REIT earnings recovery driven by retail and hotel sectors

PERFORMANCE of REIT was decent in 2024 as KL REIT Index recorded gains of +11.4% which is just slightly lower than KLCI’s gains of +12.9%. 

“The positive performance of REIT was mainly driven by the earnings recovery of REIT as earnings normalised to pre-pandemic level,” said MIDF Research (MIDF) in the recent Thematic Report.

Earnings growth of REIT was largely positive, underpinned mainly by the recovery of the retail and hotel industry. 
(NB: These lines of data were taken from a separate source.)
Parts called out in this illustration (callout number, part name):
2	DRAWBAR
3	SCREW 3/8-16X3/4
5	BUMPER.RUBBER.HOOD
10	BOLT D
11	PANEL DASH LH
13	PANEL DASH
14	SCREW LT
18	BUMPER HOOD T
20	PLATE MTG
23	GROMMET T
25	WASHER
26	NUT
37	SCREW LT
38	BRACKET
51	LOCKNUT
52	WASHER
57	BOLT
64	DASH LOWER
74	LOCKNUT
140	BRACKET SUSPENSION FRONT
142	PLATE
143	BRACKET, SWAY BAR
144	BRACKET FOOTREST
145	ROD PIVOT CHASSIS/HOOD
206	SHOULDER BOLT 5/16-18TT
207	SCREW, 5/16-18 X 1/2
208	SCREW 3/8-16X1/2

Meanwhile, top five performers of REIT in 2024 with highest share price appreciation are Pavilion REIT (+37.2%), IGB REIT (+31.8%), CapitalLand Malaysia Trust (+29.3%), IGB Commercial REIT (+27.8%), and Sunway REIT (+27.2%). 

Notably, Pavilion REIT recorded higher earnings in the nine months of financial year 2024 (9MFY24), driven by higher contributions from Pavilion KL Mall. 
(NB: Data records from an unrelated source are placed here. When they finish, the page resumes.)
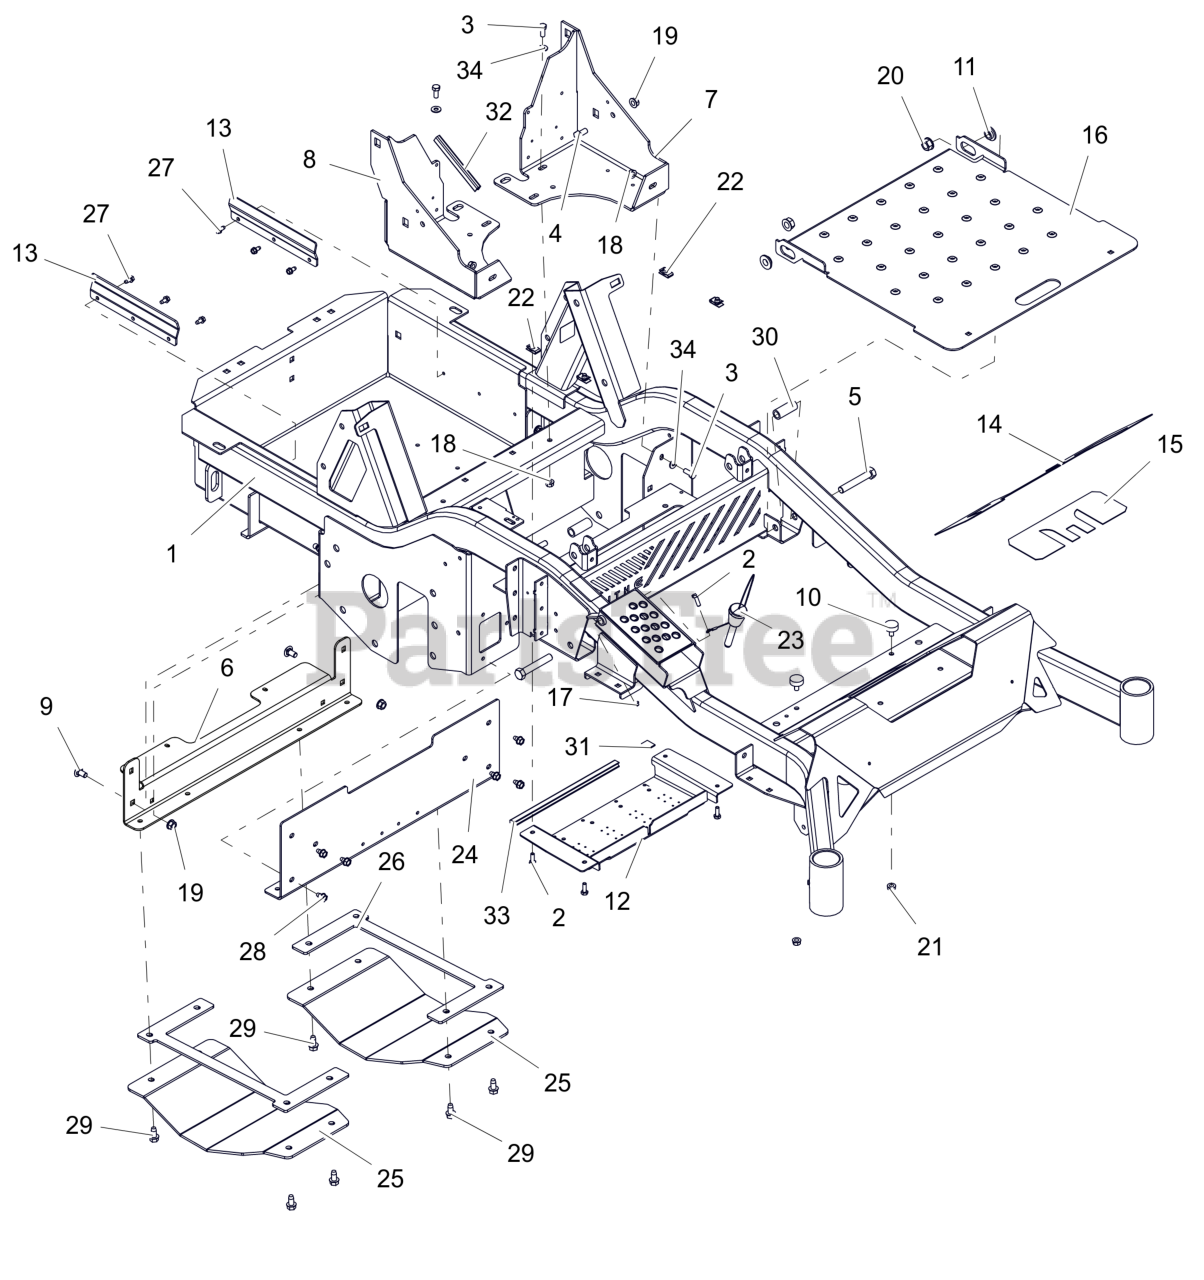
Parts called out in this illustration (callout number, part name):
1	KIT,EV FRAME(SM)W/DECALS-A
2	BLT, HEX .25-20X.75 G5 ZCC
3	BLT,HEX .31-18X.75 G5 ZCC
4	BLT,HEX .38-16X.75 G5 ZCC
5	BLT, HEX .50-13X3.00 G5 ZCC
6	BRKT, SKID PLATE MTG. (ORANGE)
7	BRKT, SUPPORT ROPS -LH (ORANGE)
8	BRKT, SUPPORT ROPS-RH (ORANGE)
9	BLT, RHSSN .38-16X.75 G5 ZCC
10	BUMPER, RUBBER
11	BSHG-FLG .515X.750X.395X1.120
12	COVER, BOTTOM ACCESS -OPEN (ORANGE)
13	DEFLECTOR, BATTERY -EV (ORANGE)
14	GRIP, FRONT
15	GRIP, TAPE FRONT
16	PANEL, ACCESS
17	NUT-LK-CTR-FLG .25-20 ZC120
18	NUT,LK-CTR-FLG .31-18 GF ZCC
19	NUT-LK-CTR-FLG .375-16 GF ZCC
20	NUT-LK-CTR-FLG .500-13 GG ZCC
21	NUT,SPNLK-FLG .31-18 G5 ZCC
22	NUT-RTNR .25-20X.56
23	PIN, MAGNETIC .50X2.50
24	PLATE, FRONT FRAME (ORANGE)
25	PLATE, SKID (BLACK)
26	PLATE, SKID TENSION (BLACK)
27	SCR-TAP .25-20X.50 HWH ZCC
28	SCR,TAP .312-18X.50 HWH TR ZCC
29	SCR,TAP .375-16X.75 HWH TR ZCC
30	SPACER, .515X.75X1.83
32	STRIP, COWL
33	STRIP, COWL
34	WSHR, FLT .312X.734X.065 ZCC

Similarly, IGB REIT earnings were resilient due to the high occupancy rates of Mid Valley Megamall and The Gardens Mall. 

Meanwhile, KL REIT Index was little-changed year-to-date at -0.2% against KLCI’s loss of -3.8%, showing REIT a safe haven amid market volatility.

The positive performance of REIT could be also partly attributed to the attractive yield spread between REIT and 10-year MGS yield. 

The U.S. Federal Reserve cut interest rates for the first time in four years in mid-September 2024 which compressed yield of fixed income assets such as 10-year MGS yield. 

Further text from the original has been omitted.